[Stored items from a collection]

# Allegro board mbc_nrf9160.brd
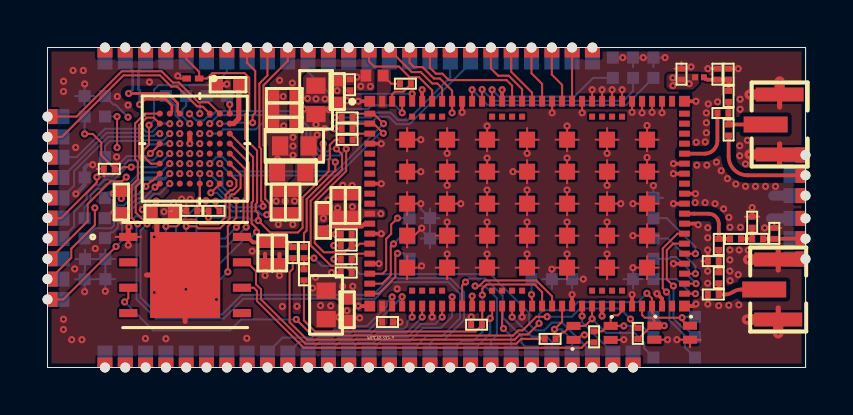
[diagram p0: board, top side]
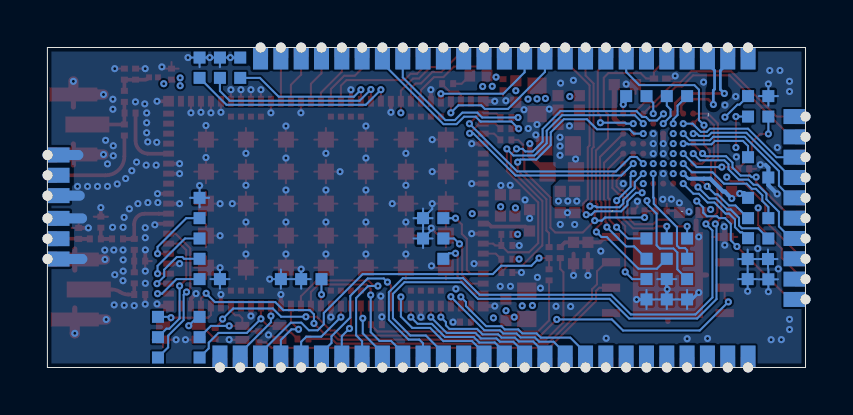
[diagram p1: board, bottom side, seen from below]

Outline 37.92 x 16 mm; copper layers: TOP, GND, POWER, BOTTOM. Coordinates in mm from the lower left corner of the outline.
Outline path: 0,16 0,0 37.92,0 37.92,16 0,16

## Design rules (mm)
constraint set DEFAULT: min track width 0.102
net group DIFFPAIR0: nets D+ D-

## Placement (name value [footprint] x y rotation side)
C1  39pF  [SMC0201]  33.51 14.94 270 top
C2  39pF  [SMC0201]  34.06 12.72 180 top
C3  15pF  [SMC0201]  15.13 13.86 90 top
C4  100nF  [SMC0402]  14.49 13.26 90 top
C5  47uF  [SMC0603]  13.43 12.67 90 top
C6  39pF  [SMC0201]  34.07 11.6 90 top
C7  100nF  [SMC0402]  14.54 8.64 270 top
C8  4.7uF  [SMC0402]  15.26 8.64 270 top
C9  4.7uF  [SMC0402]  13.8 7.89 270 top
C10  15pF  [SMC0201]  17.28 2.27 180 top
C11  100nF  [SMC0402]  14.99 3.42 270 top
C12  47uF  [SMC0603]  13.94 3.84 270 top
C13  100nF  [SMC0201]  21.19 2.14 0 top
C14  100nF  [SMC0201]  8.6 7.83 180 top
C15  100n  [SMC0402]  12.38 13.59 180 top
C16  100n  [SMC0402]  12.38 12.87 180 top
C17  100n  [SMC0402]  5.23 7.75 0 top
C18  100n  [SMC0402]  12.38 12.15 180 top
C19  10u  [SMC0603]  13.06 11.08 180 top
C20  100n  [SMC0402]  12.27 7.74 90 top
C21  1u  [SMC0402]  11.55 7.74 90 top
C22  100n  [SMC0402]  3.69 7.74 90 top
C23  4.7u  [SMC0402]  8.5 14.14 0 top
C24  100n  [SMC0402]  11.6 5.19 90 top
C25  1u  [SMC0402]  10.88 5.19 90 top
C65  TBD  [SMC0201]  35.25 6.43 0 top
C66  TBD  [SMC0201]  33.58 4.76 270 top
C67  680pF  [SMC0201]  31.71 14.94 270 top
C68  2.2nF  [SMC0201]  34.07 14.94 270 top
D1  PTVS5V5D1BLYL  [PESD5V0S1BL315]  26.31 1.73 90 top
D2  PTVS5V5D1BLYL  [PESD5V0S1BL315]  28.17 1.73 270 top
D3  PTVS5V5D1BLYL  [PESD5V0S1BL315]  30.36 1.74 270 top
D4  PTVS5V5D1BLYL  [PESD5V0S1BL315]  32.14 1.74 270 top
D5  ESDALC6V1-1U2  [DIODE_ESDALC6V1-1U2]  7.27 14.45 180 top
FL1  BLM15AX121SN1D  [BEADC1005X55N]  16.36 14.59 0 top
FL2  BLM02KX180SN1B  [BEADC0402X32N]  32.61 14.51 0 top
FL3  BLM18PG471SN1D  [SML0603]  11.48 9.78 0 top
J1  CON1  [MBC_PAD_CONN]  27.26 16 90 top
J2  CON1  [MBC_PAD_CONN]  26.24 16 90 top
J3  CON1  [MBC_PAD_CONN]  25.23 16 90 top
J4  CON1  [MBC_PAD_CONN]  24.21 16 90 top
J5  CON1  [MBC_PAD_CONN]  23.19 16 90 top
J6  CON1  [MBC_PAD_CONN]  22.18 16 90 top
J7  CON1  [MBC_PAD_CONN]  21.16 16 90 top
J8  CON1  [MBC_PAD_CONN]  20.15 16 90 top
J9  CON1  [MBC_PAD_CONN]  19.13 16 90 top
J10  CON1  [MBC_PAD_CONN]  18.11 16 90 top
J11  CON1  [MBC_PAD_CONN]  17.1 16 90 top
J12  CON1  [MBC_PAD_CONN]  16.08 16 90 top
J13  CON1  [MBC_PAD_CONN]  15.07 16 90 top
J14  CON1  [MBC_PAD_CONN]  14.05 16 90 top
J15  CON1  [MBC_PAD_CONN]  13.03 16 90 top
J16  CON1  [MBC_PAD_CONN]  12.02 16 90 top
J17  CON1  [MBC_PAD_CONN]  11 16 90 top
J18  CON1  [MBC_PAD_CONN]  9.99 16 90 top
J19  CON1  [MBC_PAD_CONN]  8.97 16 90 top
J20  CON1  [MBC_PAD_CONN]  7.95 16 90 top
J21  CON1  [MBC_PAD_CONN]  6.94 16 90 top
J22  CON1  [MBC_PAD_CONN]  5.92 16 90 top
J23  CON1  [MBC_PAD_CONN]  4.91 16 90 top
J24  CON1  [MBC_PAD_CONN]  3.89 16 90 top
J25  CON1  [MBC_PAD_CONN]  2.87 16 90 top
J26  CON1  [MBC_PAD_CONN]  0 12.55 180 top
J27  CON1  [MBC_PAD_CONN]  0 11.53 180 top
J28  CON1  [MBC_PAD_CONN]  0 10.52 180 top
J29  CON1  [MBC_PAD_CONN]  0 9.5 180 top
J30  CON1  [MBC_PAD_CONN]  0 8.48 180 top
J31  CON1  [MBC_PAD_CONN]  0 7.47 180 top
J32  CON1  [MBC_PAD_CONN]  0 6.45 180 top
J33  CON1  [MBC_PAD_CONN]  0 5.43 180 top
J34  CON1  [MBC_PAD_CONN]  0 4.42 180 top
J35  CON1  [MBC_PAD_CONN]  0 3.4 180 top
J36  CON1  [MBC_PAD_CONN]  2.88 0 270 top
J37  CON1  [MBC_PAD_CONN]  3.89 0 270 top
J38  CON1  [MBC_PAD_CONN]  4.91 0 270 top
J39  CON1  [MBC_PAD_CONN]  5.92 0 270 top
J40  CON1  [MBC_PAD_CONN]  6.94 0 270 top
J41  CON1  [MBC_PAD_CONN]  7.96 0 270 top
J42  CON1  [MBC_PAD_CONN]  8.97 0 270 top
J43  CON1  [MBC_PAD_CONN]  9.99 0 270 top
J44  CON1  [MBC_PAD_CONN]  11 0 270 top
J45  CON1  [MBC_PAD_CONN]  12.02 0 270 top
J46  CON1  [MBC_PAD_CONN]  13.04 0 270 top
J47  CON1  [MBC_PAD_CONN]  14.05 0 270 top
J48  CON1  [MBC_PAD_CONN]  15.07 0 270 top
J49  CON1  [MBC_PAD_CONN]  16.08 0 270 top
J50  CON1  [MBC_PAD_CONN]  17.1 0 270 top
J51  CON1  [MBC_PAD_CONN]  18.11 0 270 top
J52  CON1  [MBC_PAD_CONN]  19.13 0 270 top
J53  CON1  [MBC_PAD_CONN]  20.15 0 270 top
J54  CON1  [MBC_PAD_CONN]  21.16 0 270 top
J55  CON1  [MBC_PAD_CONN]  22.18 0 270 top
J56  CON1  [MBC_PAD_CONN]  23.2 0 270 top
J57  CON1  [MBC_PAD_CONN]  24.21 0 270 top
J58  CON1  [MBC_PAD_CONN]  25.23 0 270 top
J59  CON1  [MBC_PAD_CONN]  26.24 0 270 top
J60  CON1  [MBC_PAD_CONN]  27.26 0 270 top
J61  CON1  [MBC_PAD_CONN]  28.27 0 270 top
J62  CON1  [MBC_PAD_CONN]  29.29 0 270 top
J63  CON1  [MBC_PAD_CONN]  37.92 6.44 0 top
J64  CON1  [MBC_PAD_CONN]  37.91 9.61 0 top
J65  UFL  [U_FL-R-SMT-1]  36.55 3.9 180 top
J66  UFL  [U_FL-R-SMT-1]  36.62 12.15 180 top
J67  CON1  [MBC_PAD_CONN]  37.91 5.42 0 top
J68  CON1  [MBC_PAD_CONN]  37.91 7.46 0 top
J69  CON1  [MBC_PAD_CONN]  37.91 10.62 0 top
J70  CON1  [MBC_PAD_CONN]  37.91 8.59 0 top
J72  CON1  [MBC_LGA_SMALL_PAD]  7.95 13.57 180 bottom
J73  CON1  [MBC_LGA_SMALL_PAD]  2.87 12.55 180 bottom
J74  CON1  [MBC_LGA_SMALL_PAD]  2.87 7.47 180 bottom
J75  CON1  [MBC_LGA_SMALL_PAD]  5.92 4.42 180 bottom
J76  CON1  [MBC_LGA_SMALL_PAD]  5.92 5.43 180 bottom
J77  CON1  [MBC_LGA_SMALL_PAD]  7.95 5.43 180 bottom
J78  CON1  [MBC_LGA_SMALL_PAD]  6.94 5.43 180 bottom
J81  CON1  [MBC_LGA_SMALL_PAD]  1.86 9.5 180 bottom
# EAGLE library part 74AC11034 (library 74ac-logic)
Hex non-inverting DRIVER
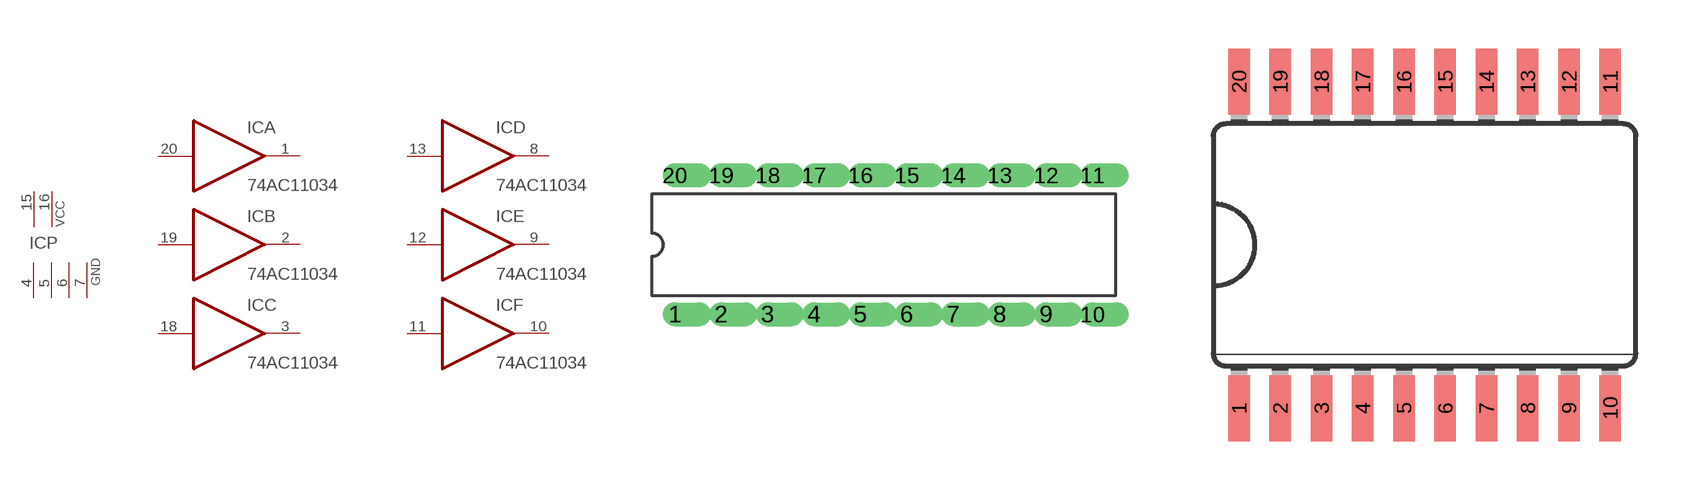
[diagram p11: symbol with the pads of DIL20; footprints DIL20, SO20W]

Designator prefix IC; gates A=7411034 B=7411034 C=7411034 D=7411034 E=7411034 F=7411034 P=2PWR4GND

## 74AC11034  [DIL20]
1  A:O  out
2  B:O  out
3  C:O  out
4  P:GND  pwr
5  P:GND  pwr
6  P:GND  pwr
7  P:GND  pwr
8  D:O  out
9  E:O  out
10  F:O  out
11  F:I  in
12  E:I  in
13  D:I  in
15  P:VCC  pwr
16  P:VCC  pwr
18  C:I  in
19  B:I  in
20  A:I  in

## 74AC11034D  [SO20W]
Pads as for DIL20

## Footprint DIL20 (pad centres in mm)
Dual In Line
drill 0.813 offset: 1 -11.43,-3.81; 2 -8.89,-3.81; 3 -6.35,-3.81; 4 -3.81,-3.81; 5 -1.27,-3.81; 6 1.27,-3.81; 7 3.81,-3.81; 8 6.35,-3.81; 9 8.89,-3.81; 10 11.43,-3.81; 11 11.43,3.81; 12 8.89,3.81; 13 6.35,3.81; 14 3.81,3.81; 15 1.27,3.81; 16 -1.27,3.81; 17 -3.81,3.81; 18 -6.35,3.81; 19 -8.89,3.81; 20 -11.43,3.81

## Footprint SO20W (pad centres in mm)
Wide Small Outline package 300 mil
smd 0.66 x 2.032: 1 -5.715,-5.029; 2 -4.445,-5.029; 3 -3.175,-5.029; 4 -1.905,-5.029; 5 -0.635,-5.029; 6 0.635,-5.029; 7 1.905,-5.029; 8 3.175,-5.029; 9 4.445,-5.029; 10 5.715,-5.029; 11 5.715,5.029; 12 4.445,5.029; 13 3.175,5.029; 14 1.905,5.029; 15 0.635,5.029; 16 -0.635,5.029; 17 -1.905,5.029; 18 -3.175,5.029; 19 -4.445,5.029; 20 -5.715,5.029

_Assignment_
From the records above, transcribe exactly the run of lines that opens with the line holding "21.16 16 90 top" and closes with the line holding "6.94 16 90 top", both included.

_Solution below_
J7  CON1  [MBC_PAD_CONN]  21.16 16 90 top
J8  CON1  [MBC_PAD_CONN]  20.15 16 90 top
J9  CON1  [MBC_PAD_CONN]  19.13 16 90 top
J10  CON1  [MBC_PAD_CONN]  18.11 16 90 top
J11  CON1  [MBC_PAD_CONN]  17.1 16 90 top
J12  CON1  [MBC_PAD_CONN]  16.08 16 90 top
J13  CON1  [MBC_PAD_CONN]  15.07 16 90 top
J14  CON1  [MBC_PAD_CONN]  14.05 16 90 top
J15  CON1  [MBC_PAD_CONN]  13.03 16 90 top
J16  CON1  [MBC_PAD_CONN]  12.02 16 90 top
J17  CON1  [MBC_PAD_CONN]  11 16 90 top
J18  CON1  [MBC_PAD_CONN]  9.99 16 90 top
J19  CON1  [MBC_PAD_CONN]  8.97 16 90 top
J20  CON1  [MBC_PAD_CONN]  7.95 16 90 top
J21  CON1  [MBC_PAD_CONN]  6.94 16 90 top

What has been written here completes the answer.